LPJ Dana Desa Bakal Dibuat Sederhana

Berdesa.com – Kabar baik buat Kepala Desa dan para perangkatnya. Agar program dana desa lancar tanpa kendala, Presiden Republik Indonesia Joko Widodo baru-baru ini meminta agar sistem pelaporan dana desa dilakukan dibuat sesederhana mungkin. Ini dilakukan agar kepala desa tidak terbebani persoalan administrasi sehingga bisa fokus menjalankan program-program pembangunan desa.

Seruan ini disampaikan Joko Widodo dalam rapat Optimalisasi Lapangan Kerja di Desa di Jakarta, baru-baru ini. Presiden menekankan hal itu karena hingga saat ini masih masih banyak perangkat desa mengeluhkan rumitnya sistem pelaporan terutama pertanggungjawaban administrasi dana desa. Sehingga menciptakan beban tersendiri bagi kepala desa beserta seluruh perangkatnya. Karena terlalu rumit pula sehingga banyak perangkat desa yang kehabisan banyak waktu dan biaya hanya karena menyusun laporan.

Jokowi ingin jangan sampai kerumitan administrasi malah menghambat pemanfaatan dana itu. BUkan rahasia lagi, ada banyak desa yang enggan memanfaatkan program atau dana karena sistem yang rumit dalam pelaporannya. Padahal sesungguhnya sistem itu bisa dibuat sesederhana mungkin sehingga desa bisa lebih optimal menjalankan program dqan bukannya sibuk ngurus pelaporan.
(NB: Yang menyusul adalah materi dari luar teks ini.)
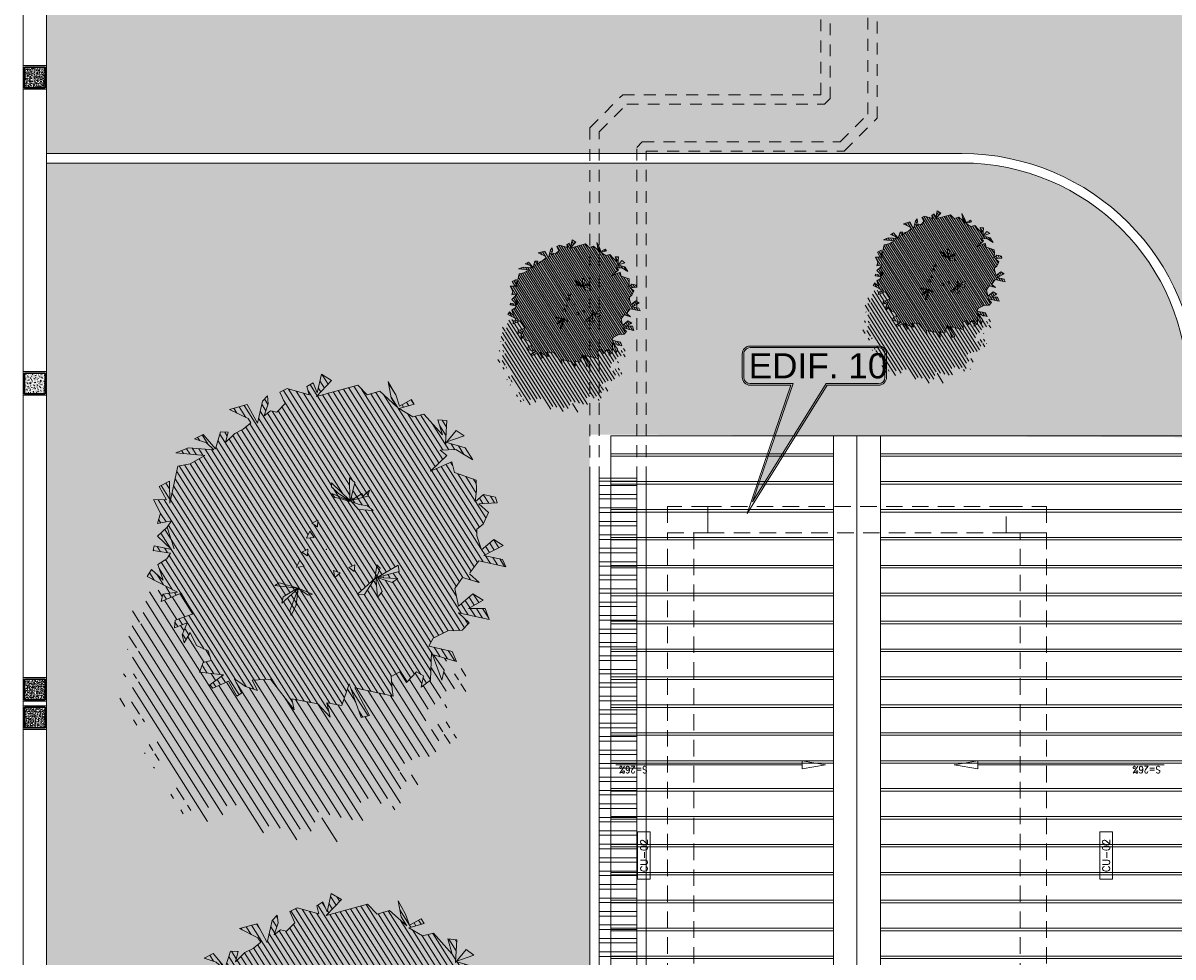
# Model space of a CAD drawing. Header units: millimetres. Extents: x -1567 to 968, y -503 to 481.
# Tile 118 of 145: x -498 to -486, y -114 to -104. Entities that reach past the tile are written whole.
import ezdxf
from ezdxf import colors
from ezdxf.entities.mleader import LeaderData, LeaderLine
from ezdxf.math import Vec2, Vec3

# ---------------------------------------------------------------- set-up
doc = ezdxf.new("R2010")
doc.units = ezdxf.units.MM
for name, pattern in [('01 nivel$0$HIDDEN2', [0.1875, 0.125, -0.0625]), ('DASHED2', [0.375, 0.25, -0.125]), ('Dot & Dashed', [0.670277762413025, 0.352777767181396, -0.176388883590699, 0, -0.14111111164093]), ('HIDDEN', [0.375, 0.25, -0.125])]:
    doc.linetypes.add(name, pattern=pattern)
doc.layers.get('0').update_dxf_attribs({"lineweight": 0})
for name, color, linetype, lineweight in [('.', 7, 'Continuous', 0), ('0_COLUMNA ACHURADO', 1, 'Continuous', 30), ('0_MUROS 1', 152, 'Continuous', 5), ('0_PROYECCIONES 1', 1, 'DASHED2', 5), ('0_TEXTOS 4', 104, 'Continuous', 9), ('CUADRICULA', 19, 'Continuous', 0), ('CUNETAS', 5, 'Continuous', 0), ('textura', 250, 'Continuous', 0), ('TRAZO', 2, 'Continuous', 5), ('vegetacion', 66, 'Continuous', 0)]:
    doc.layers.add(name, color=color, linetype=linetype, lineweight=lineweight)
doc.layers.add('250', color=250, linetype='Continuous')
doc.layers.add('251', color=251, linetype='Continuous')
doc.layers.add('Hatch Jardin', color=64, linetype='Continuous', lineweight=0, true_color=0x729900)
doc.styles.get("Standard").update_dxf_attribs({"font": 'arial.ttf'})
doc.styles.add('TIPO ROMANS', font='romans.shx')

# ---------------------------------------------------------------- blocks, each defined once
blk = doc.blocks.new('NO')
at = {"lineweight": 0, "true_color": 0x4f743e}
h = blk.add_hatch(dxfattribs=at)
h.set_pattern_fill('ANSI31', color=87, scale=0.05, style=0)
h.set_pattern_definition([(45, (0, 0), (-0.1122532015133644, 0.1122532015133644), [])])
h.paths.add_polyline_path([(4.155380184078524, 2.059777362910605), (5.052712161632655, 1.942906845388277), (4.701581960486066, 2.176647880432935), (3.92129338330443, 2.293518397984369), (4.194394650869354, 2.449345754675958), (4.584538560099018, 2.488302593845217), (4.350452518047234, 2.68308678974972), (3.882278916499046, 2.332475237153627), (3.843264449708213, 2.877870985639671), (3.60917764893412, 2.916827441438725), (3.619890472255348, 2.591038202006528), (3.399877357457, 2.927892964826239), (3.180018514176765, 3.111611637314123), (2.989187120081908, 3.352622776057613), (3.101989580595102, 3.462223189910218), (3.722562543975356, 3.616248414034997), (3.223867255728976, 3.879873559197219), (2.789874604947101, 3.384309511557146), (2.789874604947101, 4.085532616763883), (2.672831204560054, 4.280316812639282), (2.594802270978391, 4.046575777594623), (2.633816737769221, 3.657007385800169), (2.477758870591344, 3.85179158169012), (2.282686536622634, 3.85179158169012), (2.08761420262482, 4.163446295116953), (2.321701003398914, 4.475101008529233), (2.126628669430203, 4.630928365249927), (1.424368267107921, 4.591971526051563), (1.541411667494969, 4.825712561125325), (1.385353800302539, 4.981539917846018), (1.190282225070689, 4.708842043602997), (1.190282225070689, 5.293194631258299), (0.8391520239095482, 5.176324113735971), (1.190282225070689, 4.591971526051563), (0.0198482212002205, 5.21528095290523), (-0.3312812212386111, 4.981539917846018), (-0.6824114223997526, 5.176324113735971), (-1.306642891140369, 4.825712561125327), (-1.072556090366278, 5.059453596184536), (-0.8774837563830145, 5.526935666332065), (-1.189599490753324, 5.176324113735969), (-1.384671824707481, 4.864669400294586), (-1.696787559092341, 5.13736727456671), (-1.813830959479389, 5.020496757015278), (-1.38467182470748, 4.786755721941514), (-1.852845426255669, 4.630928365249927), (-2.164960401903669, 4.786755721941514), (-2.867220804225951, 4.280316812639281), (-2.633134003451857, 4.708842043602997), (-2.906235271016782, 4.747798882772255), (-3.023278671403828, 4.046575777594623), (-3.042194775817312, 4.084352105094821), (-3.647509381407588, 4.046575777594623), (-3.959625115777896, 3.734921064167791), (-3.37440887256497, 3.92970526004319), (-2.906235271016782, 3.812834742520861), (-3.140322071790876, 3.695964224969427), (-2.750177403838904, 3.111611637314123), (-3.335394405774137, 3.540136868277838), (-3.491452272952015, 3.228482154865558), (-4.193711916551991, 3.150568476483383), (-4.271740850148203, 2.838914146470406), (-4.310755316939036, 2.488302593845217), (-4.505827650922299, 2.761000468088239), (-4.895972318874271, 2.761000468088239), (-4.974001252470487, 2.605173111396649), (-4.427798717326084, 2.449345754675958), (-4.778928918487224, 2.254561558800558), (-4.700899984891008, 1.864993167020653), (-4.54484211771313, 1.67020897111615), (-4.583856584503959, 1.475424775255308), (-4.817943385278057, 1.085856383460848), (-5.130059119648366, 1.475424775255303), (-5.442174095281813, 1.35855425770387), (-4.934986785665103, 0.93002902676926), (-5.520203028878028, 0.93002902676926), (-5.676260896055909, 0.7352448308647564), (-4.817943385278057, 0.7352448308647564), (-4.613555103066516, 0.2862547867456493), (-4.97766288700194, 0.0842714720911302), (-4.431460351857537, 0.123228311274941), (-4.27540248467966, -0.2663396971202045), (-4.509489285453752, -0.772778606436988), (-4.860619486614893, -0.3052965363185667), (-5.211749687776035, -0.4221670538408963), (-4.821605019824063, -0.7727786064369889), (-5.328793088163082, -0.6559080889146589), (-5.523865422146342, -0.96756280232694), (-4.548503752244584, -0.9675628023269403), (-4.938648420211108, -1.201303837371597), (-4.782590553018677, -1.474001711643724), (-4.353431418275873, -1.590872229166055), (-3.963287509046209, -1.902526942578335), (-3.885258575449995, -2.175224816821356), (-4.6265326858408, -2.175224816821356), (-4.821605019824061, -2.447922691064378), (-4.05205331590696, -2.407479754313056), (-4.002301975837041, -2.331052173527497), (-4.158359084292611, -3.188102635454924), (-3.924273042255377, -3.460800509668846), (-3.924273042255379, -3.110188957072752), (-3.690186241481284, -3.032275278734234), (-3.456099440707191, -3.421843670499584), (-3.182998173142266, -3.149145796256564), (-2.948911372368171, -3.343929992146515), (-3.065954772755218, -3.73349800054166), (-3.143983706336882, -3.928282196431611), (-1.934535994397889, -3.928282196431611), (-2.558766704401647, -4.668462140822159), (-2.324680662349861, -4.785332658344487), (-1.739463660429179, -3.850368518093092), (-1.661434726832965, -4.551591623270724), (-1.193456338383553, -4.570520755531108), (-1.388333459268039, -4.980116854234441), (-0.9246409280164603, -4.666384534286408), (-0.1027377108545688, -4.684426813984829), (-0.2526019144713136, -5.001907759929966), (0.6697918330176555, -4.235143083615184), (1.215994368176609, -4.390970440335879), (0.9819075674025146, -4.663668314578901), (1.372052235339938, -4.624711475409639), (1.7621961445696, -4.468884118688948), (1.450081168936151, -4.858452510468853), (1.567124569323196, -4.975323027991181), (1.91825401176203, -4.585754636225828), (2.347413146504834, -4.897409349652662), (2.464456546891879, -4.819495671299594), (2.113326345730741, -4.429927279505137), (2.854601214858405, -4.507840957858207), (2.815586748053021, -4.196186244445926), (2.581499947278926, -4.079315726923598), (2.737557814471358, -3.806618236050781), (3.127702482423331, -3.728704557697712), (3.400802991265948, -3.378093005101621), (3.517846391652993, -3.728704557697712), (3.634889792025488, -3.494963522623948), (3.556860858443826, -3.105395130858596), (3.907991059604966, -3.339136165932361), (3.94700552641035, -3.105395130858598), (3.439817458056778, -2.793740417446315), (3.94700552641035, -2.248344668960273), (4.493208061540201, -2.637913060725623), (4.493208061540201, -2.40417202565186), (4.064048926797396, -2.248344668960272), (5.078424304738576, -1.975646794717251), (5.000395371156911, -1.741905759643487), (4.571236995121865, -1.975646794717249), (4.844338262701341, -1.547121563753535), (4.610251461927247, -1.313380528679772), (4.532222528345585, -1.118596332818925), (5.078424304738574, -1.157553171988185), (5.078424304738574, -1.001725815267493), (4.532222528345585, -1.001725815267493), (5.039409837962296, -0.690071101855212), (4.810881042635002, -0.3579066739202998), (4.721542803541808, -0.1348899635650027), (5.123565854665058, -0.3133031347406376), (5.101231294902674, 0.0212216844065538), (5.403842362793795, 0.384633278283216), (5.013697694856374, 0.4625469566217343), (5.325813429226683, 0.8131585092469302), (5.052712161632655, 1.046899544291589), (4.896654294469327, 0.3846332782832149), (4.896654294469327, 1.553338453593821), (4.545524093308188, 1.709165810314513)])
h.paths.add_polyline_path([(0.1556434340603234, 2.092473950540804), (0.1226248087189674, 1.97554900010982), (-0.1203667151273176, 1.822936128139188), (-0.5217917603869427, 1.665367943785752), (-0.5211378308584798, 1.668138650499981), (-0.575465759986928, 1.660070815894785), (-0.8413226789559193, 1.468009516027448), (-1.293733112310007, 1.542463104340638), (-1.086745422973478, 1.642088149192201), (-0.8292925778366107, 1.622376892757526), (-0.5754657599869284, 1.660070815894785), (-0.5373259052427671, 1.687623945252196), (-0.5447066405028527, 2.257581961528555), (-0.3572150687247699, 2.362681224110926), (-0.5178311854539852, 1.682148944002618)], flags=16)
h.paths.add_polyline_path([(0.4732491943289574, 0.743789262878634), (0.2821260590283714, 0.6670284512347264), (0.311210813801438, 0.8709263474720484)], flags=16)
h.paths.add_polyline_path([(0.4777985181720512, 0.4908713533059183), (0.5359693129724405, 0.2578455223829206), (0.305077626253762, 0.3239810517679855)], flags=16)
h.paths.add_polyline_path([(0.4162869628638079, -0.0733681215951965), (0.5783253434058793, -0.2005052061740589), (0.3872022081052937, -0.2772660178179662)], flags=16)
h.paths.add_polyline_path([(0.5828746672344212, -0.4534231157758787), (0.6410454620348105, -0.6864489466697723), (0.4101537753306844, -0.6203134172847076)], flags=16)
h.paths.add_polyline_path([(0.4447488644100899, -1.322289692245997), (0.8383181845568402, -1.873639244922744), (0.8361080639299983, -1.675614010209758), (0.462839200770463, -1.312352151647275), (0.4450257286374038, -1.319326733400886)], flags=16)
h.paths.add_polyline_path([(-0.4976208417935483, -0.540980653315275), (-0.5848763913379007, -0.7448785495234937), (-0.7178293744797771, -0.5673640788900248)], flags=16)
h.paths.add_polyline_path([(-0.9364520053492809, -0.3490639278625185), (-1.127575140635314, -0.425824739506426), (-1.098490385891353, -0.2219268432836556)], flags=16)
h.paths.add_polyline_path([(-1.820136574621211, -0.460912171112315), (-1.814937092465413, -0.4442567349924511), (-1.790663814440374, -0.5127081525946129), (-1.383343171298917, -1.09525534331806), (-1.599712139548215, -1.051197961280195), (-1.790663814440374, -0.5127081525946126), (-1.816731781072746, -0.4754259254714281), (-1.823545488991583, -0.4718319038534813), (-2.006669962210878, -1.058432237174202), (-2.104084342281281, -0.849388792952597), (-1.846851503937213, -0.4810223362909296), (-1.847898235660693, -0.4735843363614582), (-1.865057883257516, -0.4573308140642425), (-2.350149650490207, -0.506464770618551), (-2.497006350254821, -0.3414132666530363), (-1.870701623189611, -0.4519850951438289), (-1.88267756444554, -0.4406415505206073), (-2.484440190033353, -0.1232302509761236), (-2.411336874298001, 0.0601015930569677), (-1.882677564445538, -0.4406415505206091), (-1.856377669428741, -0.4545139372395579)], flags=16)
at = {"layer": '251', "lineweight": 0}
h = blk.add_hatch(dxfattribs=at)
h.set_pattern_fill('ANSI31', color=256, scale=0.08, style=0)
h.set_pattern_definition([(45, (0, 0), (-0.179605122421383, 0.1796051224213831), [])])
h.paths.add_polyline_path([(1.567124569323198, -4.975323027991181), (1.450081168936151, -4.85845251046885), (1.7621961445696, -4.468884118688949), (1.372052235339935, -4.624711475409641), (0.9819075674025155, -4.663668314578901), (1.215994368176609, -4.390970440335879), (0.6697918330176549, -4.235143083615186), (-0.252601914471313, -5.001907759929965), (-0.1027377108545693, -4.684426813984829), (-0.9246409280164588, -4.666384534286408), (-1.388333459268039, -4.98011685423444), (-1.193456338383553, -4.570520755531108), (-1.661434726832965, -4.551591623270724), (-1.739463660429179, -3.850368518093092), (-2.324680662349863, -4.785332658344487), (-2.558766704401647, -4.668462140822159), (-1.934535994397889, -3.928282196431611), (-3.143983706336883, -3.928282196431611), (-3.065954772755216, -3.733498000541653), (-2.948911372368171, -3.343929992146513), (-3.182998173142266, -3.149145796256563), (-3.456099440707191, -3.421843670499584), (-3.690186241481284, -3.032275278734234), (-3.924273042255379, -3.110188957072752), (-3.924273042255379, -3.460800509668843), (-4.158359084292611, -3.188102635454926), (-4.002301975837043, -2.3310521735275), (-4.509489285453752, -3.110188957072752), (-4.509489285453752, -2.798534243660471), (-4.080330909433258, -2.40896585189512), (-4.504452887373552, -2.43125511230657), (-4.5285985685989, -2.55180519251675), (-4.762685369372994, -2.941373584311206), (-5.074801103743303, -2.551805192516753), (-5.386916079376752, -2.668675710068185), (-4.879728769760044, -3.097200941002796), (-5.464945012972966, -3.097200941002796), (-5.621002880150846, -3.291985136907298), (-4.762685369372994, -3.291985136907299), (-4.567613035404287, -3.720510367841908), (-4.918743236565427, -3.91529456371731), (-4.372540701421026, -3.876337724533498), (-4.216482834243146, -4.265905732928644), (-4.450569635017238, -4.772344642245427), (-4.80169983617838, -4.304862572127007), (-5.152830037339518, -4.421733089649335), (-4.762685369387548, -4.772344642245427), (-5.269873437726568, -4.655474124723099), (-5.464945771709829, -4.96712883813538), (-4.489584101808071, -4.96712883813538), (-4.879728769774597, -5.200869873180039), (-4.723670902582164, -5.473567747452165), (-4.294511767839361, -5.590438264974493), (-3.904367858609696, -5.902092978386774), (-3.826338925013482, -6.174790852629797), (-4.567613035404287, -6.174790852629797), (-4.762685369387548, -6.447488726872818), (-4.021411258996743, -6.408531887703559), (-4.45056963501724, -6.79810027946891), (-4.450569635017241, -7.109754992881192), (-3.943382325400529, -6.330618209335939), (-4.099439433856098, -7.187668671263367), (-3.865353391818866, -7.460366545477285), (-3.865353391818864, -7.109754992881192), (-3.631266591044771, -7.031841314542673), (-3.397179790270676, -7.421409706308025), (-3.124078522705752, -7.148711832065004), (-2.889991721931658, -7.343496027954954), (-3.007035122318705, -7.733064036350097), (-3.085064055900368, -7.927848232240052), (-1.875616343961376, -7.927848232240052), (-2.499847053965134, -8.668028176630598), (-2.265761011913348, -8.784898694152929), (-1.680544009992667, -7.849934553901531), (-1.602515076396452, -8.551157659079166), (-1.134536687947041, -8.570086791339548), (-1.329413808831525, -8.97968289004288), (-0.8657212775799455, -8.66595057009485), (-0.0438180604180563, -8.68399284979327), (-0.1936822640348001, -9.001473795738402), (0.728711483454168, -8.234709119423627), (1.274914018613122, -8.390536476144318), (1.040827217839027, -8.663234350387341), (1.430971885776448, -8.624277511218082), (1.821115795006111, -8.468450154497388), (1.509000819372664, -8.858018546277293), (1.62604421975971, -8.974889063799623), (1.977173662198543, -8.585320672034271), (2.406332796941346, -8.896975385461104), (2.523376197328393, -8.819061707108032), (2.172245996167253, -8.429493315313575), (2.913520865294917, -8.507406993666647), (2.874506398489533, -8.195752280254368), (2.640419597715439, -8.078881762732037), (2.79647746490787, -7.806184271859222), (3.186622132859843, -7.728270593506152), (3.459722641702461, -7.377659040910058), (3.576766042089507, -7.728270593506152), (3.693809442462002, -7.494529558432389), (3.61578050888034, -7.104961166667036), (3.96691071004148, -7.338702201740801), (4.005925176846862, -7.104961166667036), (3.498737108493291, -6.793306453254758), (4.005925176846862, -6.247910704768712), (4.552127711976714, -6.637479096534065), (4.552127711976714, -6.403738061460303), (4.122968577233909, -6.247910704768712), (5.137343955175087, -5.975212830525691), (5.059315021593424, -5.741471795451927), (4.630156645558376, -5.975212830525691), (4.903257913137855, -5.546687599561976), (4.669171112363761, -5.312946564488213), (4.591142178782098, -5.118162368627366), (5.137343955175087, -5.157119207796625), (5.137343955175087, -5.001291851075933), (4.591142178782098, -5.001291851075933), (5.098329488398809, -4.689637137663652), (4.869800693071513, -4.357472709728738), (4.780462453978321, -4.134455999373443), (5.182485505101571, -4.312869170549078), (5.160150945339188, -3.978344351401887), (5.462762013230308, -3.614932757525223), (5.072617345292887, -3.537019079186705), (5.384733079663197, -3.186407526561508), (5.111631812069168, -2.95266649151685), (4.95557394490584, -3.614932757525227), (4.95557394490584, -2.446227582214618), (4.604443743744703, -2.290400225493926), (4.443989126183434, -2.146204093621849), (4.064048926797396, -2.248344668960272), (4.493208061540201, -2.404172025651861), (4.493208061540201, -2.637913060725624), (3.94700552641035, -2.248344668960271), (3.439817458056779, -2.793740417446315), (3.94700552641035, -3.105395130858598), (3.907991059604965, -3.339136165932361), (3.556860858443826, -3.105395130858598), (3.63488979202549, -3.494963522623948), (3.517846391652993, -3.728704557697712), (3.400802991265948, -3.378093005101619), (3.127702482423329, -3.728704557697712), (2.737557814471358, -3.806618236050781), (2.581499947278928, -4.079315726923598), (2.815586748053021, -4.196186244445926), (2.854601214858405, -4.507840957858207), (2.11332634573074, -4.429927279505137), (2.46445654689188, -4.819495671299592), (2.347413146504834, -4.897409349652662), (1.91825401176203, -4.585754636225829)])
at = {"layer": '250', "lineweight": 0}
for points in [[(-4.622871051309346, 0.3067195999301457), (-4.817943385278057, 0.7352448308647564), (-5.676260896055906, 0.7352448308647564), (-5.520203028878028, 0.93002902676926), (-4.934986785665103, 0.93002902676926), (-5.442174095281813, 1.35855425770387), (-5.130059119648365, 1.475424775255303), (-4.817943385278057, 1.085856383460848), (-4.583856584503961, 1.475424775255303), (-4.544842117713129, 1.67020897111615), (-4.700899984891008, 1.864993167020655), (-4.778928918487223, 2.254561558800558), (-4.427798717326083, 2.449345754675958), (-4.974001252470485, 2.605173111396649), (-4.895972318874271, 2.761000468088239), (-4.505827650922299, 2.761000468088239), (-4.310755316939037, 2.488302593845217), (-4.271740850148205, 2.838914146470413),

Tetapi meski laporannya disederhanakan, Presiden meminta agar kontrol atau pengawasan baik dari BPKP maupun lembaga pengawasan yang lain juga tetap diperkuat. Menjadi sederhana bukan berarti membuat semua proses menjadi mudah.

Sementara itu Menteri Koordinator Pembangunan Manusia dan Kebudayaan Indonesia (Menko PMK) Puan Maharani mengatakan, dana desa mulai 2018 akan digunakan lebih banyak untuk program-program padat karya di 100 kabupaten. Program Padat Karya bakal dimulai Januari 2018 termasuk pola pemanfaatan dana desa secara swakelola.

Untuk mendorong program padat karya ini bahkan bakal dikeluarkan Surat Keputusan Bersama 4 Menteri, yaitu Menteri Keuangan, Kementerian Perencanaan Pembangunan Nasional/Badan Perencanaan Pembangunan Nasional (Bappenas), Menteri Dalam Negeri, serta Kementerian Desa, Pembangunan Daerah Tertinggal dan Transmigrasi (Kemendes PDTT) yang isinya mendukung jalannya Program Padat Karya.

Puan menjelaskan, program Padat Karya nanti bukan hanya akan menggarap infrastruktur atau sarana yang berhubungan langsung dengan masalah penguatan ekonomi saja melainkan juga membangun berbagai sarana pelayanan social masyarakat. “ Misalnya membangun fasilitas kesehatan di tingkat desa seperti puskesmas dan posyandu juga rehabilitasi sekolah-sekolah,” ucap Puan.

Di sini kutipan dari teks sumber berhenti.